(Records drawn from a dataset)
=== Begin Enclosure ===

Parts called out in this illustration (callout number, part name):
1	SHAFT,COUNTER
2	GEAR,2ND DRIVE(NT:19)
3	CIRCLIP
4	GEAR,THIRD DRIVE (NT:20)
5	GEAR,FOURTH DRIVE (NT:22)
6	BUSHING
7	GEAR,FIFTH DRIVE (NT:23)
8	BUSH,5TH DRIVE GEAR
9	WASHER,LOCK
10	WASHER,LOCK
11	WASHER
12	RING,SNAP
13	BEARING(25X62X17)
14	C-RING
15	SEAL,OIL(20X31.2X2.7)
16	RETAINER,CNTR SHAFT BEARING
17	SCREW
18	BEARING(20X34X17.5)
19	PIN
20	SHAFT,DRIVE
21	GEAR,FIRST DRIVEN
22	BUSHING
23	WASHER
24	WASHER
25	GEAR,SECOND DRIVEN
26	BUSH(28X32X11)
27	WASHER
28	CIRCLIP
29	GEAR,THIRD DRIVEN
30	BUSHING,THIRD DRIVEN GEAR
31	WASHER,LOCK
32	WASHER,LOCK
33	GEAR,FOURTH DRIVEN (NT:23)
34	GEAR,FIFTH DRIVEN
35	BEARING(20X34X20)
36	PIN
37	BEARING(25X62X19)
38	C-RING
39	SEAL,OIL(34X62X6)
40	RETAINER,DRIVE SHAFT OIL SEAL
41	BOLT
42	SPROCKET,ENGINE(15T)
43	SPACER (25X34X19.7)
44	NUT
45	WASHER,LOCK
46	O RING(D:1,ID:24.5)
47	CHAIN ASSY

=== End Enclosure ===

What this task involves: Identify the lines in the entries above that contain "FIFTH", then copy them out.

Answer to the exercise:
7	GEAR,FIFTH DRIVE (NT:23)
34	GEAR,FIFTH DRIVEN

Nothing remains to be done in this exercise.